玫瑰知晓一切,却不拒绝,在周太太生产前答应同周士辉到巴哈马去度假。
有人肯为她家破人亡,她的魅力一旦受到证实,乐不可支还来不及。
她毫无负罪感,并且美而自知。她看不起周士辉,却享受被他追求的乐趣,并称周太太为“蠢女人”!
玫瑰是个在光环下长大的天之骄女,美貌是她的圣光,对拜倒于石榴裙下的“门徒”,她的每一个回应都是恩赐。
玫瑰身边不缺周士辉这样的迷恋者,她来者不拒,理由也很直白:
“我很寂寞,而他对我好。”
女神的寂寞最重要,那些普通人付出点伤害,荣幸成为美丽的炮灰,不是理所应当吗?
玫瑰爱上庄国栋,并在极短的时间里要死要活,根本原因是在于:庄国栋没有臣服于她的美貌,还按照计划和未婚妻完婚。
当然,二十年后证明庄国栋还是情难自已,在纠缠玫瑰的那一刻,这个男人就失去了原本“得不到”的魅力。
因为美,玫瑰可以不计后果,随心任性地去魅惑众生。
她不用担心做了什么错误的决定,因为总归有人愿意肝脑涂地去兜底。
普通人没有黄玫瑰放任自流的试错成本,哪怕她将一手好牌打到稀烂,最后仍旧有亿万富豪为她神魂颠倒,给她提供精神与物质具备的充盈生活。
亦舒对凡夫俗子多少是冷酷的,而对黄玫瑰这般的漂亮的人儿委实偏爱了些,色相能兑换作资本,向来没什么公允可言。
小说《玫瑰的故事》分成四个部分,分别从玫瑰的哥哥黄振华、男朋友的弟弟傅家敏、女婿棠华以及继子罗震中的第一视角叙述的。
有人说是恶俗的“男凝”,玫瑰在他们的眼中是“蔷薇色皮肤”、“结实的胸脯”、“足踝精致如大理石雕刻”、“身材纤弱苗条”、“白如凝脂”……是被肆意遐想的客体。
亲哥哥都感叹“我这小妹真的无处不美,倘若我不是她的大哥,不知感觉如何。”连最终选择的妻子,眼角也同玫瑰一般有颗青色的泪痣。

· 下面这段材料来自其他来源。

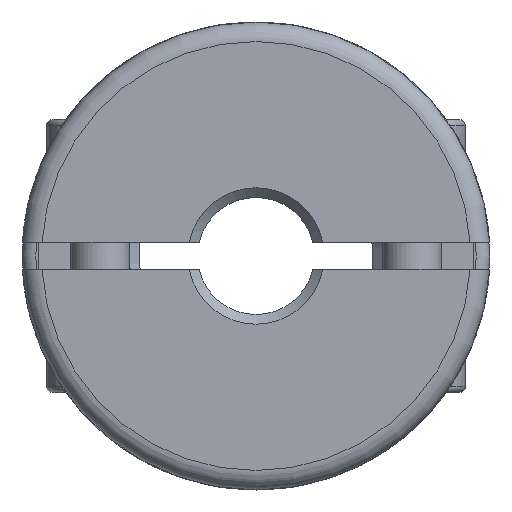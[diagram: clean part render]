
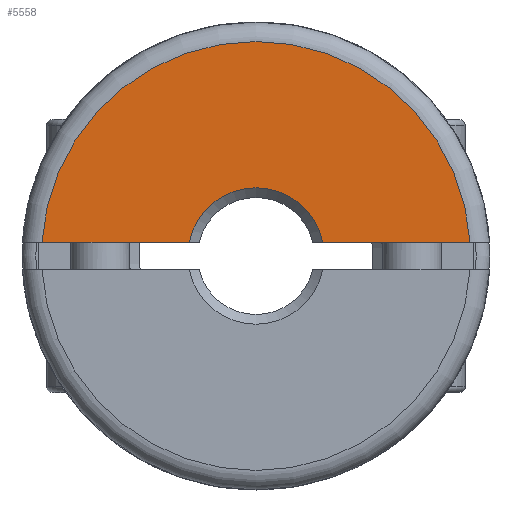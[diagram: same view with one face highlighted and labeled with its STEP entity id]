
A CAD part, left-side view. The second image highlights one B-rep face of the part: STEP entity #5558.
In plain terms, the highlighted planar face has unit normal (-1, 0, 0).
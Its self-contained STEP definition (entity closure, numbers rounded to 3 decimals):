
#122=LINE('',#7880,#282);
#123=LINE('',#7885,#283);
#282=VECTOR('',#6619,1000.);
#283=VECTOR('',#6622,1000.);
#443=PLANE('',#5907);
#834=ORIENTED_EDGE('',*,*,#1700,.T.);
#835=ORIENTED_EDGE('',*,*,#1701,.T.);
#836=ORIENTED_EDGE('',*,*,#1702,.T.);
#837=ORIENTED_EDGE('',*,*,#1703,.F.);
#1700=EDGE_CURVE('',#2165,#2166,#122,.T.);
#1701=EDGE_CURVE('',#2166,#2167,#2494,.T.);
#1702=EDGE_CURVE('',#2167,#2168,#123,.T.);
#1703=EDGE_CURVE('',#2165,#2168,#2495,.T.);
#2165=VERTEX_POINT('',#7881);
#2166=VERTEX_POINT('',#7882);
#2167=VERTEX_POINT('',#7884);
#2168=VERTEX_POINT('',#7886);
#2494=CIRCLE('',#5908,11.);
#2495=CIRCLE('',#5909,3.5);
#2809=EDGE_LOOP('',(#834,#835,#836,#837));
#3242=FACE_BOUND('',#2809,.T.);
#5558=ADVANCED_FACE('',(#3242),#443,.T.);
#5907=AXIS2_PLACEMENT_3D('',#7879,#6617,#6618);
#5908=AXIS2_PLACEMENT_3D('',#7883,#6620,#6621);
#5909=AXIS2_PLACEMENT_3D('',#7887,#6623,#6624);
#6617=DIRECTION('',(-1.,0.,0.));
#6618=DIRECTION('',(0.,0.,1.));
#6619=DIRECTION('',(0.,-1.,0.));
#6620=DIRECTION('',(-1.,0.,0.));
#6621=DIRECTION('',(0.,0.,1.));
#6622=DIRECTION('',(0.,-1.,0.));
#6623=DIRECTION('',(-1.,0.,0.));
#6624=DIRECTION('',(0.,0.,1.));
#7879=CARTESIAN_POINT('',(-135.8,13.679,0.7));
#7880=CARTESIAN_POINT('',(-135.8,13.679,1.4));
#7881=CARTESIAN_POINT('',(-135.8,-1.75,1.4));
#7882=CARTESIAN_POINT('',(-135.8,-9.298,1.4));
#7883=CARTESIAN_POINT('',(-135.8,1.679,0.7));
#7884=CARTESIAN_POINT('',(-135.8,12.657,1.4));
#7885=CARTESIAN_POINT('',(-135.8,13.679,1.4));
#7886=CARTESIAN_POINT('',(-135.8,5.109,1.4));
#7887=CARTESIAN_POINT('',(-135.8,1.679,0.7));
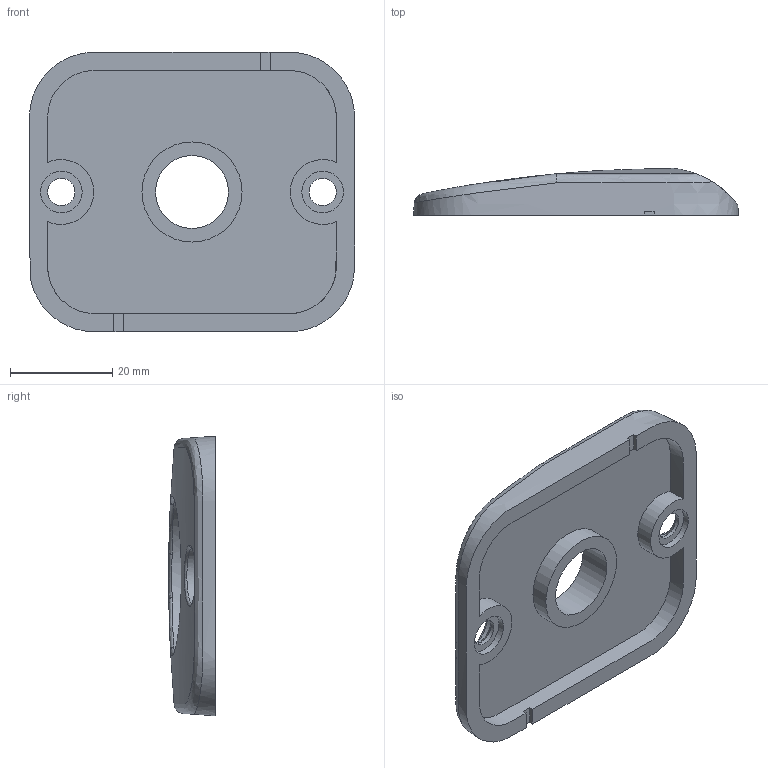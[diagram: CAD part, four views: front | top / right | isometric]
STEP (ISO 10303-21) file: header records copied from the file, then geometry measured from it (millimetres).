
FILE_DESCRIPTION(/* description */ (''),/* implementation_level */ '2;1');
FILE_NAME(/* name */ 'Sight Cap Original.step',/* time_stamp */ '2024-05-11T16:50:05-05:00',/* author */ (''),/* organization */ (''),/* preprocessor_version */ 'ST-DEVELOPER v20',/* originating_system */ 'Autodesk Translation Framework v12.20.1.177',/* authorisation */ '');
FILE_SCHEMA (('AUTOMOTIVE_DESIGN { 1 0 10303 214 3 1 1 }'));
Length unit declared in the file: inch
Products named in the file (1): og
Bounding box: 63.5 x 9.14 x 54.61 mm (x, y, z)
Volume: 12937.4 mm3; surface area: 9036.2 mm2
Topology: 1 solids, 1 shells, 48 faces, 122 edges, 81 vertices
Faces by surface type: plane 17, cylinder 16, bspline 13, cone 2
Full cylindrical faces by diameter (mm): 5.334 x2, 8.128 x2, 14.224 x1, 19.558 x1
Entity records: 3321 total; most frequent: CARTESIAN_POINT 2258, ORIENTED_EDGE 244, DIRECTION 149, EDGE_CURVE 122, VERTEX_POINT 81, B_SPLINE_CURVE_WITH_KNOTS 66, EDGE_LOOP 59, AXIS2_PLACEMENT_3D 57
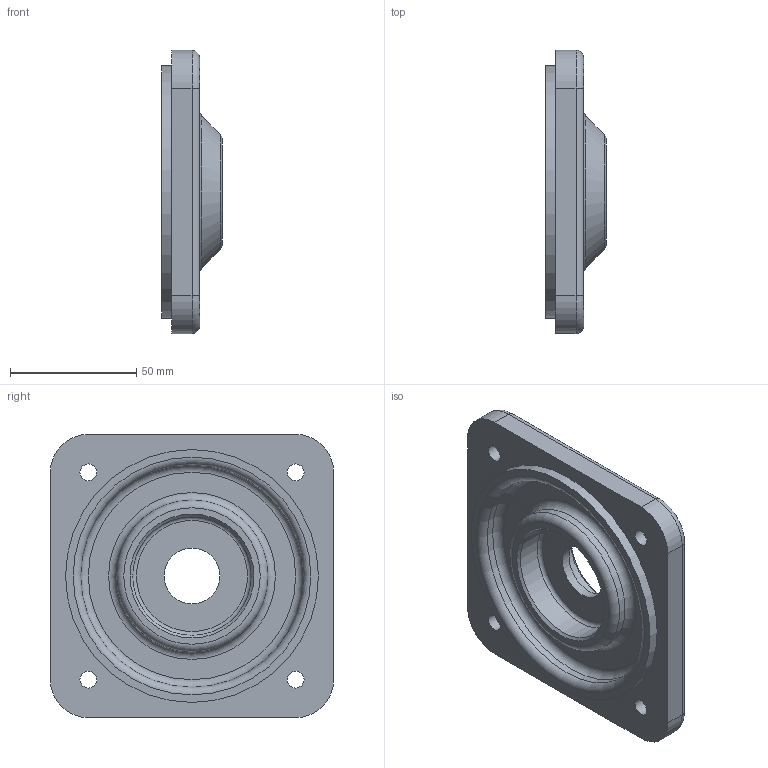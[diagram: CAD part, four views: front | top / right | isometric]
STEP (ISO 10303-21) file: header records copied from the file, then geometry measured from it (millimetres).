
FILE_DESCRIPTION(/* description */ (''),/* implementation_level */ '2;1');
FILE_NAME(/* name */ '',/* time_stamp */ '2026-01-09T11:13:19+09:00',/* author */ ('jhkim'),/* organization */ (''),/* preprocessor_version */ 'ST-DEVELOPER v20.1',/* originating_system */ 'Autodesk Inventor 2026',/* authorisation */ '');
FILE_SCHEMA (('AUTOMOTIVE_DESIGN { 1 0 10303 214 3 1 1 }'));
Length unit declared in the file: millimetre
Products named in the file (1): 측면 커버
Bounding box: 24 x 112 x 112 mm (x, y, z)
Volume: 123888 mm3; surface area: 36571.9 mm2
Topology: 1 solids, 1 shells, 53 faces, 114 edges, 73 vertices
Faces by surface type: cylinder 22, plane 16, torus 12, cone 3
Full cylindrical faces by diameter (mm): 6.6 x4, 11 x4, 22 x1, 35 x1, 47 x1, 60 x1, 88 x1, 100 x1
Entity records: 1536 total; most frequent: DIRECTION 299, CARTESIAN_POINT 241, ORIENTED_EDGE 228, AXIS2_PLACEMENT_3D 131, EDGE_CURVE 114, CIRCLE 77, EDGE_LOOP 73, VERTEX_POINT 73

玫瑰可不是男凝视角下可以玩弄、拥有、消费或丢弃的“她者”,反之,她是女性幻想下极度完美的化身。
每个见过玫瑰的男人,都低微到尘埃,终生难忘。
每个被玫瑰无意伤害到的女人,都会在她的美貌下失去气势,由衷赞叹。
玫瑰什么都不用做,就可以得到一切。
她智力超群,因“情伤”避走美国十年,轻松读了三张文凭:法律、纯美术及欧洲文学。
然而这个学霸属性也没什么用,只是她美貌的镶边。
她不属于生活,到四十多岁还一派天真,只会打扮,只会谈恋爱。一辈子没工作过,轻松坐拥无数财富。
周士辉没得到她,妻离子散、潦倒余生仍不后悔;
庄国栋没得到她,婚后十年痛不欲生,离婚后愣是对着玫瑰的照片痴念十年;
傅家敏没得到她,和妻子生了五六个孩子仍不可自拔,等了十来年后去追求玫瑰二十岁的女儿;
二十多岁的继子震中,初见四十多岁的继母玫瑰,便魂不守舍,认定为“毕生所爱”……
前赴后继的男人,不管是少年、青年、中年、老年,在见到玫瑰的那一刻,全化身痴心汉,如怀春处子般患得患失、期期艾艾。
他们都等不及去了解玫瑰,皮囊就是真理。
玫瑰自己都承认:
“我性格自由散漫,不学无术,除了打扮花钱,什么都不会,我甚至不能养活自己,就会靠家人生活,我自觉是个一无是处的人。”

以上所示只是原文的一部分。